# 2D Spiel im Vollbild langsamer als im Fenster



## scari (1. Apr 2012)

Hallo!

ich habe mir von Quaxli dieses Tuorial angeguckt und ein kleines 2D Spiel programmiert.
http://www.java-forum.org/spiele-multimedia-programmierung/54795-quaxli-2d-spiele-tutorial.html

Ich nutze dort ein JPanel und zeichne darauf mit der Methode paintComponent. Habe dort auch eine run() Methode implementiert um mein Panel alle 10ms neuzuzeichnen(repaint). Es funktioniert im Fenstermodus alles wunderbar, ohne irgendwelche Ruckler usw. Sobald ich aber mit diesem Code


```
GraphicsEnvironment ge = GraphicsEnvironment.getLocalGraphicsEnvironment();
    GraphicsDevice device;

        device = ge.getDefaultScreenDevice();
        if(device.isFullScreenSupported())
        {
            device.setFullScreenWindow(this);
            device.setDisplayMode(new DisplayMode( 1280, 1024 , 32, 60));
        }
```

in den Fullscreenmode wechsel, ist alles langsamer und träge. Die Bewegungen sind nicht mehr flüssig.
Woran kann das liegen? Ich hab jetzt bewusst darauf verzichtet meinen Code zu posten, da es zu viel wäre.
Viele Dank schon mal.


----------



## jule37 (2. Apr 2012)

gib mal die fps auf dem bildschirm aus. gibt es einen unterschied zwischen fenster und vollbild?
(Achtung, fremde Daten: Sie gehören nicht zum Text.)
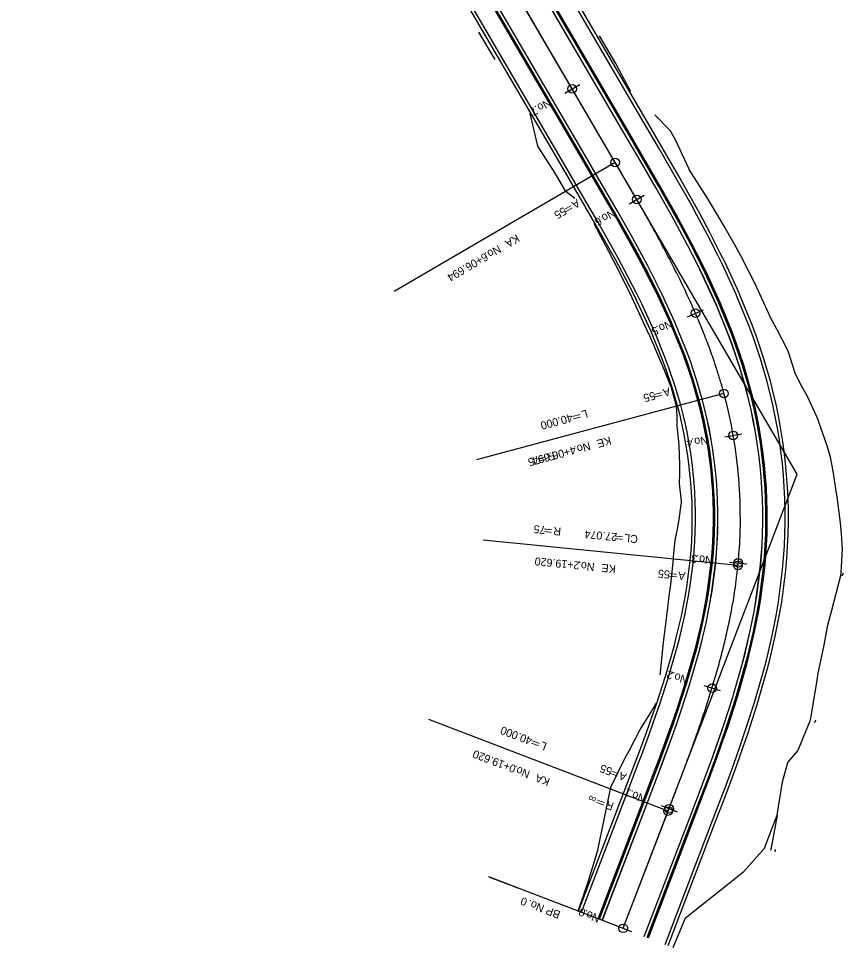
# Model space of a CAD drawing. Extents: x 46424 to 47578, y 10417 to 11548.
# Drawn here: x 46423.8 to 46552.6, y 10417.5 to 10562.5 of the extents above; entities that cross this region are included whole.
import ezdxf

# ---------------------------------------------------------------- set-up
doc = ezdxf.new("R2010")
doc.units = 0
for name, color, linetype in [('Default', 7, 'Continuous'), ('出典（地理院地図Vector）', 7, 'Continuous'), ('河川_人工水路(地下)（地理院地図Vector）', 7, 'Continuous'), ('現況_地形', 7, 'Continuous'), ('現況_地形_三角形', 7, 'Continuous'), ('現況_地形_三角形_頂点', 7, 'Continuous'), ('現況_地形_低い点', 7, 'Continuous'), ('現況_地形_単点標高', 7, 'Continuous'), ('現況_地形_等高線_マイナー', 7, 'Continuous'), ('等高線等深線_等高線_補助曲線通常部（地理院地図Vector）', 7, 'Continuous'), ('設計図面_測点 ラベル メジャー', 7, 'Continuous'), ('設計図面_測点 印 メジャー', 7, 'Continuous')]:
    doc.layers.add(name, color=color, linetype=linetype)

msp = doc.modelspace()

# ---------------------------------------------------------------- linework, layer by layer
at = {"layer": 'Default'}
for p, q in [((46516.96, 10540.04), (46459.34, 10638.67)), ((46510.25, 10551.53), (46510.25, 10551.53)), ((46516.96, 10540.04), (46482.42, 10519.86)), ((46516.96, 10540.04), (46516.96, 10540.04)), ((46520.32, 10534.25), (46520.32, 10534.25)), ((46529.49, 10516.49), (46529.49, 10516.49)), ((46533.94, 10503.96), (46495.3, 10493.6)), ((46533.94, 10503.96), (46495.3, 10493.6)), ((46533.94, 10503.96), (46533.94, 10503.96)), ((46535.38, 10497.42), (46535.38, 10497.42)), ((46536.13, 10477.12), (46496.33, 10481.07)), ((46536.13, 10477.12), (46496.33, 10481.07)), ((46536.13, 10477.12), (46536.13, 10477.12)), ((46536.17, 10477.5), (46536.17, 10477.5)), ((46532.08, 10457.96), (46532.08, 10457.96)), ((46525.23, 10438.76), (46487.88, 10453.07)), ((46525.37, 10439.12), (46525.37, 10439.12)), ((46518.22, 10420.44), (46525.23, 10438.76)), ((46525.23, 10438.76), (46525.23, 10438.76)), ((46517.59, 10420.68), (46497.21, 10428.49)), ((46497.21, 10428.49), (46501.88, 10426.7)), ((46518.22, 10420.44), (46518.22, 10420.44)), ((46518.22, 10420.44), (46518.22, 10420.44))]:
    msp.add_line(p, q, dxfattribs=at)
for centre in [(46510.25, 10551.53), (46516.96, 10540.04), (46520.32, 10534.25), (46529.49, 10516.49), (46533.94, 10503.96), (46535.38, 10497.42), (46536.17, 10477.5), (46536.13, 10477.12), (46532.08, 10457.96), (46525.23, 10438.76), (46525.37, 10439.12), (46518.22, 10420.44), (46518.22, 10420.44)]:
    msp.add_circle(centre, 0.675, dxfattribs=at)
msp.add_arc((46461.5, 10484.53), 75, 354.3288, 15.0122, dxfattribs=at)
for points in [[(46533.94, 10503.96), (46533.81, 10504.42), (46533.56, 10505.34), (46533.01, 10507.16), (46532.27, 10509.42), (46531.3, 10512.11), (46530.24, 10514.76), (46529.11, 10517.39), (46527.92, 10519.98), (46526.67, 10522.55), (46525.37, 10525.1), (46524.03, 10527.62), (46522.66, 10530.13), (46521.26, 10532.62), (46519.84, 10535.1), (46518.64, 10537.16), (46517.68, 10538.8), (46517.2, 10539.63), (46516.96, 10540.04)], [(46525.23, 10438.76), (46525.4, 10439.21), (46525.74, 10440.1), (46526.42, 10441.88), (46527.27, 10444.1), (46528.27, 10446.78), (46529.25, 10449.46), (46530.2, 10452.16), (46531.11, 10454.87), (46531.97, 10457.59), (46532.79, 10460.33), (46533.55, 10463.08), (46534.23, 10465.86), (46534.85, 10468.65), (46535.38, 10471.46), (46535.74, 10473.81), (46535.98, 10475.7), (46536.08, 10476.65), (46536.13, 10477.12)]]:
    msp.add_open_spline(points, degree=3, dxfattribs=at)
at = {"layer": '出典（地理院地図Vector）'}
for points in [[(46541.18, 10505.9), (46540.17, 10509.38), (46539, 10512.84), (46538.39, 10514.51), (46536.37, 10519.48), (46536.36, 10519.5), (46534.16, 10524.29), (46533.37, 10525.89), (46531.8, 10528.97), (46530.16, 10532.05), (46529.34, 10533.53), (46526.83, 10537.98), (46524.29, 10542.35), (46521.77, 10546.67), (46465.82, 10642.45)], [(46526.69, 10502.02), (46525.86, 10504.88), (46524.88, 10507.79), (46524.36, 10509.2), (46522.61, 10513.5), (46522.6, 10513.52), (46520.65, 10517.77), (46519.95, 10519.21), (46518.51, 10522.02), (46516.99, 10524.87), (46516.22, 10526.26), (46513.8, 10530.54), (46511.34, 10534.79), (46508.82, 10539.11), (46452.87, 10634.89)], [(46511.21, 10423.12), (46518.36, 10441.8), (46520.13, 10446.44), (46520.58, 10447.63), (46521.84, 10451.04), (46522.8, 10453.73), (46523.44, 10455.6), (46524.8, 10459.8), (46524.9, 10460.15), (46526.2, 10464.68), (46526.5, 10465.84), (46527.29, 10469.2), (46527.82, 10471.87), (46528.13, 10473.71), (46528.67, 10477.86)], [(46525.22, 10417.76), (46532.37, 10436.44), (46534.17, 10441.14), (46534.63, 10442.37), (46535.94, 10445.92), (46536.96, 10448.79), (46537.65, 10450.79), (46539.13, 10455.38), (46539.25, 10455.77), (46540.7, 10460.85), (46541.04, 10462.17), (46541.95, 10466.05), (46542.57, 10469.17), (46542.95, 10471.37), (46543.59, 10476.38)]]:
    msp.add_lwpolyline(points, dxfattribs=at)
for radius in [82.5, 67.5]:
    msp.add_arc((46461.5, 10484.53), radius, 354.3288, 15.0122, dxfattribs=at)
at = {"layer": '河川_人工水路(地下)（地理院地図Vector）'}
for p, q in [((46516.96, 10540.04), (46459.34, 10638.67)), ((46518.22, 10420.44), (46525.23, 10438.76))]:
    msp.add_line(p, q, dxfattribs=at)
msp.add_arc((46461.5, 10484.53), 75, 354.3288, 15.0122, dxfattribs=at)
for points in [[(46533.94, 10503.96), (46533.81, 10504.42), (46533.56, 10505.34), (46533.01, 10507.16), (46532.27, 10509.42), (46531.3, 10512.11), (46530.24, 10514.76), (46529.11, 10517.39), (46527.92, 10519.98), (46526.67, 10522.55), (46525.37, 10525.1), (46524.03, 10527.62), (46522.66, 10530.13), (46521.26, 10532.62), (46519.84, 10535.1), (46518.64, 10537.16), (46517.68, 10538.8), (46517.2, 10539.63), (46516.96, 10540.04)], [(46525.23, 10438.76), (46525.4, 10439.21), (46525.74, 10440.1), (46526.42, 10441.88), (46527.27, 10444.1), (46528.27, 10446.78), (46529.25, 10449.46), (46530.2, 10452.16), (46531.11, 10454.87), (46531.97, 10457.59), (46532.79, 10460.33), (46533.55, 10463.08), (46534.23, 10465.86), (46534.85, 10468.65), (46535.38, 10471.46), (46535.74, 10473.81), (46535.98, 10475.7), (46536.08, 10476.65), (46536.13, 10477.12)]]:
    msp.add_open_spline(points, degree=3, dxfattribs=at)
at = {"layer": '現況_地形'}
for points in [[(46537.32, 10504.86), (46536.35, 10508.18), (46535.24, 10511.5), (46534.65, 10513.09), (46532.7, 10517.88), (46532.69, 10517.91), (46530.56, 10522.55), (46529.79, 10524.11), (46528.26, 10527.12), (46526.64, 10530.13), (46525.84, 10531.59), (46523.34, 10536.01), (46520.84, 10540.34), (46518.31, 10544.66), (46462.37, 10640.43)], [(46537.33, 10504.87), (46536.36, 10508.18), (46535.25, 10511.5), (46534.66, 10513.1), (46532.71, 10517.89), (46532.7, 10517.91), (46530.57, 10522.56), (46529.8, 10524.12), (46528.26, 10527.12), (46526.65, 10530.14), (46525.85, 10531.6), (46523.35, 10536.02), (46520.85, 10540.34), (46518.32, 10544.66), (46462.38, 10640.44)], [(46530.55, 10503.05), (46529.66, 10506.08), (46528.64, 10509.14), (46528.09, 10510.61), (46526.27, 10515.09), (46526.26, 10515.11), (46524.25, 10519.5), (46523.52, 10520.99), (46522.05, 10523.87), (46520.49, 10526.78), (46519.71, 10528.19), (46517.26, 10532.52), (46514.78, 10536.8), (46512.26, 10541.12), (46456.31, 10636.9)], [(46530.56, 10503.05), (46529.67, 10506.08), (46528.65, 10509.14), (46528.1, 10510.62), (46526.28, 10515.09), (46526.27, 10515.12), (46524.25, 10519.51), (46523.53, 10520.99), (46522.05, 10523.87), (46520.5, 10526.78), (46519.72, 10528.2), (46517.27, 10532.53), (46514.79, 10536.81), (46512.27, 10541.13), (46456.32, 10636.9)], [(46514.94, 10421.7), (46522.09, 10440.37), (46523.86, 10445.03), (46524.31, 10446.23), (46525.59, 10449.68), (46526.56, 10452.42), (46527.22, 10454.32), (46528.61, 10458.63), (46528.72, 10458.98), (46530.06, 10463.66), (46530.37, 10464.87), (46531.19, 10468.36), (46531.74, 10471.15), (46532.07, 10473.09), (46532.64, 10477.47)], [(46514.95, 10421.69), (46522.1, 10440.37), (46523.87, 10445.03), (46524.32, 10446.22), (46525.6, 10449.67), (46526.57, 10452.42), (46527.23, 10454.32), (46528.62, 10458.62), (46528.73, 10458.98), (46530.07, 10463.66), (46530.38, 10464.87), (46531.2, 10468.36), (46531.75, 10471.15), (46532.08, 10473.09), (46532.65, 10477.47)], [(46521.49, 10419.19), (46528.64, 10437.87), (46530.42, 10442.56), (46530.88, 10443.77), (46532.18, 10447.29), (46533.18, 10450.11), (46533.86, 10452.08), (46535.31, 10456.56), (46535.43, 10456.93), (46536.83, 10461.87), (46537.17, 10463.15), (46538.04, 10466.89), (46538.64, 10469.89), (46538.99, 10471.99), (46539.61, 10476.77)], [(46521.5, 10419.19), (46528.65, 10437.86), (46530.43, 10442.55), (46530.89, 10443.77), (46532.19, 10447.28), (46533.19, 10450.1), (46533.87, 10452.07), (46535.32, 10456.56), (46535.43, 10456.93), (46536.84, 10461.87), (46537.18, 10463.15), (46538.05, 10466.89), (46538.65, 10469.89), (46539, 10471.99), (46539.62, 10476.77)]]:
    msp.add_lwpolyline(points, dxfattribs=at)
for radius in [78.5, 78.51, 71.49, 71.5]:
    msp.add_arc((46461.5, 10484.53), radius, 354.3288, 15.0122, dxfattribs=at)
at = {"layer": '現況_地形_三角形'}
msp.add_line((46498.23, 10556.09), (46495.64, 10560.37), dxfattribs=at)
for points in [[(46519.38, 10551.07), (46517.07, 10555.51), (46514.51, 10559.8)], [(46510.66, 10534.4), (46509.23, 10535.52), (46507.56, 10538.37), (46504.85, 10542.58), (46503.7, 10547.7)], [(46511.19, 10423.13), (46512.79, 10427.87), (46514.24, 10432.67), (46516.21, 10442.22), (46516.33, 10442.58), (46518.52, 10447.05), (46519.15, 10448.16), (46520.8, 10451.41), (46522.35, 10453.89), (46523.39, 10455.62)]]:
    msp.add_lwpolyline(points, dxfattribs=at)
at = {"layer": '現況_地形_三角形_頂点'}
for p, q in [((46552.41, 10475.5), (46552.59, 10475.95)), ((46548.15, 10452.6), (46548.3, 10453)), ((46541.96, 10432.36), (46542, 10432.75))]:
    msp.add_line(p, q, dxfattribs=at)
for points in [[(46526.01, 10417.46), (46527.93, 10422.08), (46532.48, 10425.69), (46537.03, 10429.3), (46540.31, 10432.99), (46540.45, 10433.35), (46542.26, 10438.09), (46542.46, 10439.43), (46543.08, 10443.34), (46543.9, 10446.36), (46545.45, 10448.15), (46547.4, 10452.84), (46547.52, 10453.24), (46548.43, 10458.81), (46548.65, 10460.26), (46549.53, 10464.42), (46550.15, 10467.79), (46550.78, 10470.13), (46552.2, 10475.52), (46552.24, 10475.98), (46552.45, 10479.63), (46552.3, 10482.06), (46552.15, 10483.74), (46551.63, 10487.81), (46551.58, 10488.08), (46550.99, 10491.84), (46550.58, 10494.02), (46550.03, 10495.8), (46548.7, 10499.66), (46548.71, 10499.75), (46547.03, 10503.38), (46546.05, 10505.17), (46545.13, 10506.96), (46543.97, 10510.57), (46542.21, 10513.99), (46541.3, 10515.6), (46539.03, 10520.63), (46539.02, 10520.66), (46536.57, 10525.46), (46535.7, 10527.05), (46533.97, 10530.11), (46532.16, 10533.14), (46531.27, 10534.6), (46528.53, 10538.96), (46528.52, 10538.99), (46526.35, 10543.55), (46525.53, 10545.05), (46523.14, 10547.47)], [(46524, 10460.05), (46524.04, 10460.41), (46524.48, 10465.13), (46524.65, 10466.31), (46525.09, 10469.67), (46525.37, 10472.31), (46525.63, 10474.11), (46526.04, 10478.12), (46526.06, 10478.45), (46526.34, 10481.04), (46526.66, 10482.76), (46526.87, 10483.96), (46527.32, 10486.93), (46527.3, 10487.13), (46527.02, 10489.88), (46527.05, 10491.51), (46527.04, 10492.88), (46526.95, 10495.89), (46526.95, 10495.95), (46526.65, 10498.89), (46526.61, 10500.43), (46526.54, 10501.98), (46525.74, 10504.85), (46524.6, 10507.69), (46524.01, 10509.07), (46522.19, 10513.31), (46522.18, 10513.34), (46520.22, 10517.56), (46519.54, 10519.01), (46518.17, 10521.84), (46516.71, 10524.72), (46515.98, 10526.13), (46513.69, 10530.47)], [(46541.25, 10432.63), (46541.38, 10432.99), (46542.28, 10438.08)]]:
    msp.add_lwpolyline(points, dxfattribs=at)
at = {"layer": '現況_地形_低い点'}
for points in [[(46537.8, 10504.99), (46536.83, 10508.33), (46535.71, 10511.66), (46535.12, 10513.27), (46533.16, 10518.08), (46533.15, 10518.11), (46531.01, 10522.77), (46530.24, 10524.33), (46528.7, 10527.35), (46527.08, 10530.37), (46526.28, 10531.83), (46523.78, 10536.26), (46521.27, 10540.59), (46518.75, 10544.91), (46462.8, 10640.69)], [(46530.07, 10502.92), (46529.2, 10505.93), (46528.18, 10508.97), (46527.64, 10510.44), (46525.82, 10514.89), (46525.81, 10514.92), (46523.8, 10519.29), (46523.08, 10520.77), (46521.61, 10523.64), (46520.06, 10526.54), (46519.28, 10527.96), (46516.84, 10532.28), (46514.36, 10536.56), (46511.84, 10540.87), (46455.89, 10636.65)], [(46514.48, 10421.87), (46521.63, 10440.55), (46523.41, 10445.2), (46523.86, 10446.4), (46525.13, 10449.84), (46526.1, 10452.58), (46526.75, 10454.48), (46528.14, 10458.77), (46528.25, 10459.12), (46529.58, 10463.79), (46529.89, 10464.99), (46530.71, 10468.47), (46531.26, 10471.24), (46531.59, 10473.16), (46532.15, 10477.51)], [(46521.95, 10419.01), (46529.1, 10437.69), (46530.89, 10442.38), (46531.35, 10443.59), (46532.65, 10447.12), (46533.65, 10449.94), (46534.33, 10451.92), (46535.79, 10456.41), (46535.9, 10456.79), (46537.32, 10461.74), (46537.65, 10463.03), (46538.53, 10466.78), (46539.13, 10469.8), (46539.49, 10471.91), (46540.11, 10476.72)]]:
    msp.add_lwpolyline(points, dxfattribs=at)
for radius in [79, 71]:
    msp.add_arc((46461.5, 10484.53), radius, 354.3288, 15.0122, dxfattribs=at)
at = {"layer": '現況_地形_単点標高'}
for points in [[(46540.7, 10505.77), (46539.69, 10509.23), (46538.53, 10512.67), (46537.93, 10514.33), (46535.91, 10519.28), (46535.9, 10519.3), (46533.71, 10524.08), (46532.93, 10525.67), (46531.36, 10528.74), (46529.72, 10531.81), (46528.9, 10533.29), (46526.39, 10537.73), (46523.86, 10542.1), (46521.34, 10546.42), (46465.39, 10642.2)], [(46537.99, 10505.05), (46537.02, 10508.39), (46535.9, 10511.73), (46535.31, 10513.34), (46533.35, 10518.16), (46533.33, 10518.19), (46531.19, 10522.86), (46530.42, 10524.42), (46528.88, 10527.44), (46527.26, 10530.47), (46526.46, 10531.93), (46523.95, 10536.36), (46521.44, 10540.69), (46518.92, 10545.01), (46462.97, 10640.79)], [(46529.88, 10502.87), (46529.01, 10505.87), (46527.99, 10508.9), (46527.45, 10510.37), (46525.64, 10514.81), (46525.63, 10514.84), (46523.62, 10519.2), (46522.9, 10520.68), (46521.43, 10523.55), (46519.88, 10526.45), (46519.11, 10527.86), (46516.67, 10532.18), (46514.19, 10536.46), (46511.67, 10540.77), (46455.72, 10636.55)], [(46527.18, 10502.14), (46526.33, 10505.03), (46525.35, 10507.96), (46524.83, 10509.38), (46523.07, 10513.7), (46523.06, 10513.72), (46521.1, 10517.98), (46520.39, 10519.43), (46518.95, 10522.25), (46517.42, 10525.11), (46516.66, 10526.5), (46514.24, 10530.79), (46511.77, 10535.05), (46509.25, 10539.36), (46453.3, 10635.14)], [(46511.68, 10422.94), (46518.83, 10441.62), (46520.6, 10446.26), (46521.05, 10447.45), (46522.31, 10450.86), (46523.27, 10453.57), (46523.91, 10455.44), (46525.28, 10459.65), (46525.38, 10460), (46526.68, 10464.55), (46526.98, 10465.72), (46527.77, 10469.1), (46528.31, 10471.78), (46528.62, 10473.63), (46529.16, 10477.81)], [(46514.3, 10421.94), (46521.45, 10440.62), (46523.22, 10445.27), (46523.67, 10446.47), (46524.94, 10449.91), (46525.91, 10452.65), (46526.56, 10454.54), (46527.95, 10458.83), (46528.06, 10459.18), (46529.39, 10463.84), (46529.7, 10465.04), (46530.51, 10468.51), (46531.06, 10471.27), (46531.39, 10473.2), (46531.95, 10477.53)], [(46522.14, 10418.94), (46529.29, 10437.62), (46531.08, 10442.31), (46531.53, 10443.52), (46532.84, 10447.05), (46533.84, 10449.88), (46534.52, 10451.85), (46535.98, 10456.36), (46536.09, 10456.73), (46537.51, 10461.69), (46537.84, 10462.98), (46538.72, 10466.74), (46539.33, 10469.77), (46539.69, 10471.88), (46540.31, 10476.7)], [(46524.76, 10417.94), (46531.91, 10436.62), (46533.7, 10441.32), (46534.16, 10442.54), (46535.47, 10446.09), (46536.49, 10448.95), (46537.17, 10450.95), (46538.66, 10455.53), (46538.77, 10455.91), (46540.22, 10460.98), (46540.56, 10462.3), (46541.46, 10466.15), (46542.08, 10469.26), (46542.45, 10471.44), (46543.1, 10476.43)]]:
    msp.add_lwpolyline(points, dxfattribs=at)
for radius in [82, 79.2, 70.8, 68]:
    msp.add_arc((46461.5, 10484.53), radius, 354.3288, 15.0122, dxfattribs=at)
at = {"layer": '現況_地形_等高線_マイナー'}
for points in [[(46537.82, 10505), (46536.85, 10508.34), (46535.73, 10511.67), (46535.14, 10513.28), (46533.18, 10518.09), (46533.17, 10518.11), (46531.03, 10522.78), (46530.26, 10524.34), (46528.72, 10527.36), (46527.1, 10530.38), (46526.3, 10531.84), (46523.79, 10536.27), (46521.29, 10540.6), (46518.76, 10544.92), (46462.82, 10640.7)], [(46530.05, 10502.92), (46529.18, 10505.93), (46528.16, 10508.96), (46527.62, 10510.43), (46525.81, 10514.88), (46525.8, 10514.91), (46523.79, 10519.28), (46523.06, 10520.76), (46521.59, 10523.63), (46520.04, 10526.53), (46519.26, 10527.95), (46516.82, 10532.27), (46514.34, 10536.55), (46511.82, 10540.86), (46455.87, 10636.64)], [(46514.46, 10421.88), (46521.61, 10440.56), (46523.39, 10445.21), (46523.84, 10446.41), (46525.11, 10449.85), (46526.08, 10452.59), (46526.73, 10454.49), (46528.12, 10458.78), (46528.23, 10459.13), (46529.56, 10463.79), (46529.87, 10464.99), (46530.69, 10468.47), (46531.24, 10471.24), (46531.57, 10473.17), (46532.13, 10477.52)], [(46521.97, 10419), (46529.12, 10437.68), (46530.91, 10442.37), (46531.37, 10443.59), (46532.67, 10447.11), (46533.67, 10449.94), (46534.35, 10451.91), (46535.81, 10456.41), (46535.92, 10456.78), (46537.34, 10461.74), (46537.67, 10463.03), (46538.55, 10466.78), (46539.15, 10469.8), (46539.51, 10471.91), (46540.13, 10476.72)]]:
    msp.add_lwpolyline(points, dxfattribs=at)
for radius in [79.02, 70.98]:
    msp.add_arc((46461.5, 10484.53), radius, 354.3288, 15.0122, dxfattribs=at)
at = {"layer": '等高線等深線_等高線_補助曲線通常部（地理院地図Vector）'}
for p, q in [((46545.38, 10491.38), (46423.8, 10699.52)), ((46516.96, 10540.04), (46459.34, 10638.67)), ((46518.22, 10420.44), (46545.38, 10491.38)), ((46518.22, 10420.44), (46525.23, 10438.76))]:
    msp.add_line(p, q, dxfattribs=at)
msp.add_arc((46461.5, 10484.53), 75, 354.3288, 15.0122, dxfattribs=at)
msp.add_arc((46461.5, 10484.53), 75, 354.3288, 15.0122, dxfattribs=at)
for points in [[(46533.94, 10503.96), (46533.81, 10504.42), (46533.56, 10505.34), (46533.01, 10507.16), (46532.27, 10509.42), (46531.3, 10512.11), (46530.24, 10514.76), (46529.11, 10517.39), (46527.92, 10519.98), (46526.67, 10522.55), (46525.37, 10525.1), (46524.03, 10527.62), (46522.66, 10530.13), (46521.26, 10532.62), (46519.84, 10535.1), (46518.64, 10537.16), (46517.68, 10538.8), (46517.2, 10539.63), (46516.96, 10540.04)], [(46533.94, 10503.96), (46533.81, 10504.42), (46533.56, 10505.34), (46533.01, 10507.16), (46532.27, 10509.42), (46531.3, 10512.11), (46530.24, 10514.76), (46529.11, 10517.39), (46527.92, 10519.98), (46526.67, 10522.55), (46525.37, 10525.1), (46524.03, 10527.62), (46522.66, 10530.13), (46521.26, 10532.62), (46519.84, 10535.1), (46518.64, 10537.16), (46517.68, 10538.8), (46517.2, 10539.63), (46516.96, 10540.04)], [(46525.23, 10438.76), (46525.4, 10439.21), (46525.74, 10440.1), (46526.42, 10441.88), (46527.27, 10444.1), (46528.27, 10446.78), (46529.25, 10449.46), (46530.2, 10452.16), (46531.11, 10454.87), (46531.97, 10457.59), (46532.79, 10460.33), (46533.55, 10463.08), (46534.23, 10465.86), (46534.85, 10468.65), (46535.38, 10471.46), (46535.74, 10473.81), (46535.98, 10475.7), (46536.08, 10476.65), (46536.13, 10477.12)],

allgemein habe ich mit java2d, was performance betrifft, schlechte erfahrungen gemacht. du solltest dir vielleicht lieber mal opengl anschauen. noch besser: gleich eine game engine, wie z.B. jmonkey, benutzen.


----------



## scari (2. Apr 2012)

Die FPS bleibt komischerweise gleich, obwohl da alles langsamer ist. Eine fertige Game Engine darf ich leider nicht benutzen, da das ein Projekt für die Schule ist. Kann es sein, dass es etwas mit der repaint() Methode zu tun haben könnte? Habe desöfteren im Netz was von Active Rendering gehört, wo man diese Methode vermeidet. Aber im Fenster läuft ja alles super :bahnhof:


----------



## jule37 (2. Apr 2012)

wenn die fps exakt gleich sind sollte eigtl. alles in ordnung sein.

der nächste schritt, den ich jetzt tun würde ist profilen. d.h. alle möglichen vorgänge messen. wie lange dauert update, wie lange draw, etc - gibt es unterschiede zwischen windowed und fullscreen? es kann auch helfen mal im debugmodus durchzusteppen. zumindest gibt es keinen weg daran vorbei den gesamten prozess bis ins kleinste detail zu verstehen, dann findet man den fehler irgendwann garantiert.

du könntest zusätzlich mal deinen game loop posten mit update und draw, dann schaue ich mal ob mir was auffällt.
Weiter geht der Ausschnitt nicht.